Sevgili okuyucularım,

Hani derler ya, şehir efsanesi… Ben de yazıma onunla başlamak istiyorum. Nasıl mı? Hadi bakalım anlatayım. Yeni nesil uçaklarda neredeyse sistemlerin hepsinde artık control box kullanılıyor. Bazen control box’lar havadan nem mi kapıyor bilinmez, bunlar çalışmadığında, bizler de o sisteme ait C/B’ları çekip bastığımızda, bir de bakıyoruz ki sistem normale dönmüş. Sonra da “Ne güzel, arızayı hallettik!” deyip kendimizle gururlanıyoruz. İşte şehir efsanesi bu!

Yazımın ilk paragrafında, işi espriye bağladım. Şimdi ise artık bizlerin anlayacağı dilden anlatayım.
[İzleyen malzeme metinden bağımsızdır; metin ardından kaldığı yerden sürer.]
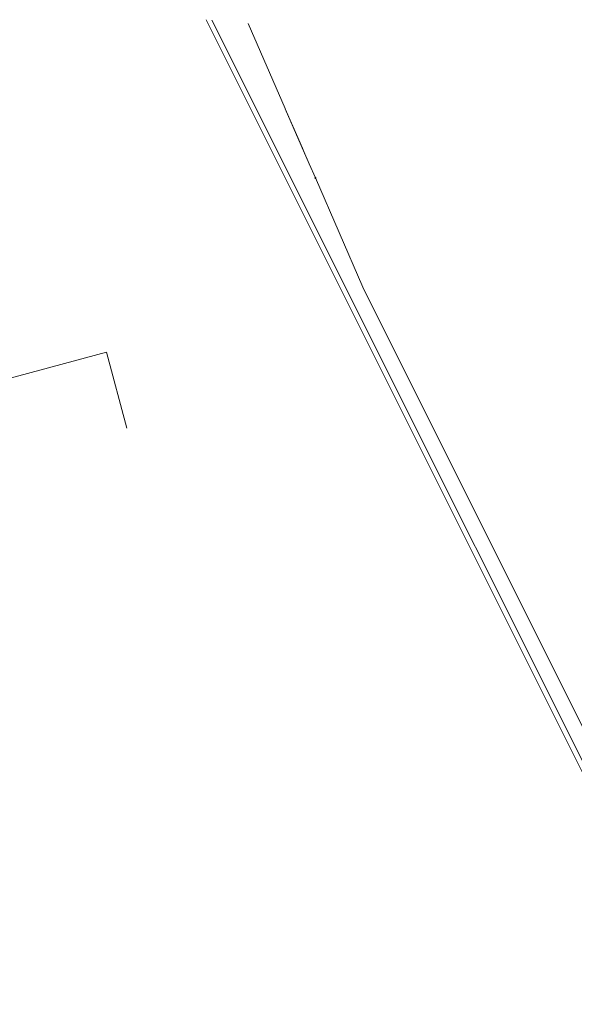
# Model space of a CAD drawing. Header units: metres. Extents: x 124576 to 133557, y 395865 to 402386.
# Tile 301 of 447: x 128584 to 128695, y 402108 to 402305. Entities that reach past the tile are written whole.
import ezdxf

# ---------------------------------------------------------------- set-up
doc = ezdxf.new("R2010")
doc.units = ezdxf.units.M
doc.header["$MEASUREMENT"] = 0
doc.layers.add('LG_Midden_Spanning_Enexis_Netbeheer_BV', color=7, linetype='Continuous', lineweight=13, true_color=0xd20000)
doc.layers.add('LG_warmte_Ennatuurlijk_BV', color=7, linetype='Continuous', lineweight=13, true_color=0x008080)
doc.layers.add('LG_Midden_Spanning_P_Enexis_Netbeheer_BV', color=7, linetype='Continuous', lineweight=0)
doc.layers.add('MV_Midden_Spanning_lijn', color=7, linetype='Continuous', lineweight=0)

# ---------------------------------------------------------------- blocks, each defined once
blk = doc.blocks.new('Mof_1')
at = {"layer": 'LG_Midden_Spanning_P_Enexis_Netbeheer_BV'}
h = blk.add_hatch(color=256, dxfattribs=at)
edge = h.paths.add_edge_path()
edge.add_arc((0, 0), 2, 0, 360)

msp = doc.modelspace()

# ---------------------------------------------------------------- linework, layer by layer
at = {"layer": 'LG_Midden_Spanning_Enexis_Netbeheer_BV'}
for p, q in [((128637.4, 402287.33), (128630.02, 402304.33)), ((128637.42, 402287.28), (128637.4, 402287.33)), ((128642.2, 402276.27), (128637.42, 402287.28)), ((128642.21, 402276.26), (128642.2, 402276.27)), ((128643.44, 402273.43), (128642.21, 402276.26))]:
    msp.add_line(p, q, dxfattribs=at)
at = {"layer": 'LG_Midden_Spanning_Enexis_Netbeheer_BV', "flags": 128}
for points in [[(128868.25, 401862.09), (128867.48, 401862.58), (128864.62, 401865.09), (128864.38, 401865.34), (128861.75, 401868.95), (128845.09, 401899.5), (128818, 401937.08), (128774.43, 401997.49), (128723.92, 402101.3), (128720.1, 402116.84), (128717.22, 402123.03), (128652.92, 402251.56), (128643.44, 402273.43), (128642.21, 402276.26), (128642.2, 402276.27), (128637.42, 402287.28), (128637.4, 402287.33), (128630.02, 402304.33)], [(128868.25, 401862.09), (128867.48, 401862.58), (128864.62, 401865.09), (128864.38, 401865.34), (128861.75, 401868.95), (128845.09, 401899.5), (128818, 401937.08), (128774.43, 401997.49), (128723.92, 402101.3), (128720.1, 402116.84), (128717.22, 402123.03), (128652.92, 402251.56), (128643.44, 402273.43), (128642.21, 402276.26), (128642.2, 402276.27), (128637.42, 402287.28), (128637.4, 402287.33), (128630.02, 402304.33)], [(128630.02, 402304.33), (128637.4, 402287.33), (128637.42, 402287.28), (128642.2, 402276.27), (128642.21, 402276.26), (128643.44, 402273.43)], [(128868.25, 401862.09), (128867.48, 401862.58), (128864.62, 401865.09), (128864.38, 401865.34), (128861.75, 401868.95), (128845.09, 401899.5), (128818, 401937.08), (128774.43, 401997.49), (128723.92, 402101.3), (128720.1, 402116.84), (128717.22, 402123.03), (128652.92, 402251.56), (128643.44, 402273.43), (128642.21, 402276.26), (128642.2, 402276.27), (128637.42, 402287.28), (128637.4, 402287.33), (128630.02, 402304.33)], [(128868.25, 401862.09), (128867.48, 401862.58), (128864.62, 401865.09), (128864.38, 401865.34), (128861.75, 401868.95), (128845.09, 401899.5), (128818, 401937.08), (128774.43, 401997.49), (128723.92, 402101.3), (128720.1, 402116.84), (128717.22, 402123.03), (128652.92, 402251.56), (128643.44, 402273.43), (128642.21, 402276.26), (128642.2, 402276.27), (128637.42, 402287.28), (128637.4, 402287.33), (128630.02, 402304.33)], [(128868.25, 401862.09), (128867.48, 401862.58), (128864.62, 401865.09), (128864.38, 401865.34), (128861.75, 401868.95), (128845.09, 401899.5), (128818, 401937.08), (128774.43, 401997.49), (128723.92, 402101.3), (128720.1, 402116.84), (128717.22, 402123.03), (128652.92, 402251.56), (128643.44, 402273.43), (128642.21, 402276.26), (128642.2, 402276.27), (128637.42, 402287.28), (128637.4, 402287.33), (128630.02, 402304.33)], [(128868.25, 401862.09), (128867.48, 401862.58), (128864.62, 401865.09), (128864.38, 401865.34), (128861.75, 401868.95), (128845.09, 401899.5), (128818, 401937.08), (128774.43, 401997.49), (128723.92, 402101.3), (128720.1, 402116.84), (128717.22, 402123.03), (128652.92, 402251.56), (128643.44, 402273.43), (128642.21, 402276.26), (128642.2, 402276.27), (128637.42, 402287.28), (128637.4, 402287.33), (128630.02, 402304.33)], [(128637.42, 402287.28), (128639.93, 402281.5), (128640.84, 402279.4), (128641.15, 402278.69), (128642.2, 402276.27)], [(128637.42, 402287.28), (128639.93, 402281.5), (128640.84, 402279.4), (128641.15, 402278.69), (128642.2, 402276.27)], [(128637.42, 402287.28), (128639.93, 402281.5), (128640.84, 402279.4), (128641.15, 402278.69), (128642.2, 402276.27)], [(128637.42, 402287.28), (128639.93, 402281.5), (128640.84, 402279.4), (128641.15, 402278.69), (128642.2, 402276.27)], [(128637.42, 402287.28), (128639.93, 402281.5), (128640.84, 402279.4), (128641.15, 402278.69), (128642.2, 402276.27)], [(128637.42, 402287.28), (128639.93, 402281.5), (128640.84, 402279.4), (128641.15, 402278.69), (128642.2, 402276.27)], [(128637.42, 402287.28), (128639.93, 402281.5), (128640.84, 402279.4), (128641.15, 402278.69), (128642.2, 402276.27)], [(128637.42, 402287.28), (128639.93, 402281.5), (128640.84, 402279.4), (128641.15, 402278.69), (128642.2, 402276.27)], [(128845.09, 401899.5), (128818, 401937.08), (128774.43, 401997.49), (128723.92, 402101.3), (128720.1, 402116.84), (128717.22, 402123.03), (128652.92, 402251.56), (128643.44, 402273.43)], [(128720.1, 402116.84), (128717.22, 402123.03), (128652.92, 402251.56), (128643.44, 402273.43)]]:
    msp.add_lwpolyline(points, dxfattribs=at)
at = {"layer": 'LG_warmte_Ennatuurlijk_BV', "flags": 128}
for points in [[(128621.56, 402305.07), (128727.27, 402093.92), (128736.99, 402074.71), (128746.86, 402055.61), (128756.89, 402036.62), (128767.08, 402017.74), (128777.43, 401998.97), (128787.94, 401980.31), (128798.6, 401961.76)], [(128622.73, 402304.97), (128728.16, 402094.37), (128737.88, 402075.17), (128747.75, 402056.07), (128757.78, 402037.09), (128767.97, 402018.22), (128778.31, 401999.45), (128788.81, 401980.79), (128799.48, 401962.25)]]:
    msp.add_lwpolyline(points, dxfattribs=at)
at = {"layer": 'MV_Midden_Spanning_lijn', "flags": 128}
msp.add_lwpolyline([(128517.32, 402215.9), (128601.62, 402238.59), (128605.7, 402223.43)], dxfattribs=at)

# ---------------------------------------------------------------- block references
at = {"layer": 'LG_Midden_Spanning_P_Enexis_Netbeheer_BV', "xscale": 0.1, "yscale": 0.1, "zscale": 0.1, "rotation": 1}
msp.add_blockref('Mof_1', (128643.44, 402273.43), dxfattribs=at)

doc.saveas('drawing.dxf')

Uçaklarda bir hardware arızalar, bir de software arızalar oluşur. Bu yazımda software arızalarla ilgili bilgilerimi sizlerle paylaşacağım. Eski uçak sistemlerine göre karşılaştırdığımızda hem avantajları hem de dezavantajlarının olduğunu görüyoruz. Öncelikle control boxları genel olarak tanıyalım; yarı iletken (direnç, kondanstor, transistor, tristor, entegre, chip, triyac v.b.) malzemelerin kullanıldığı printed circuit boardlar, iki olumsuz durum meydana gelirse çalışması etkilenir ve software arızalar meydana gelir. Peki control boxların hoşlanmadığı iki olumsuz durum nedir? Birincisi; avionic veya E/E kompartmanların havalandırma sistemleri zaman zaman yetersiz kalır ve control boxlar çalıştıklarında fazla ısı meydana geleceği için sıcaklıktan dolayı kendilerini koruma amaçlı kapatırlar, işte size software arıza...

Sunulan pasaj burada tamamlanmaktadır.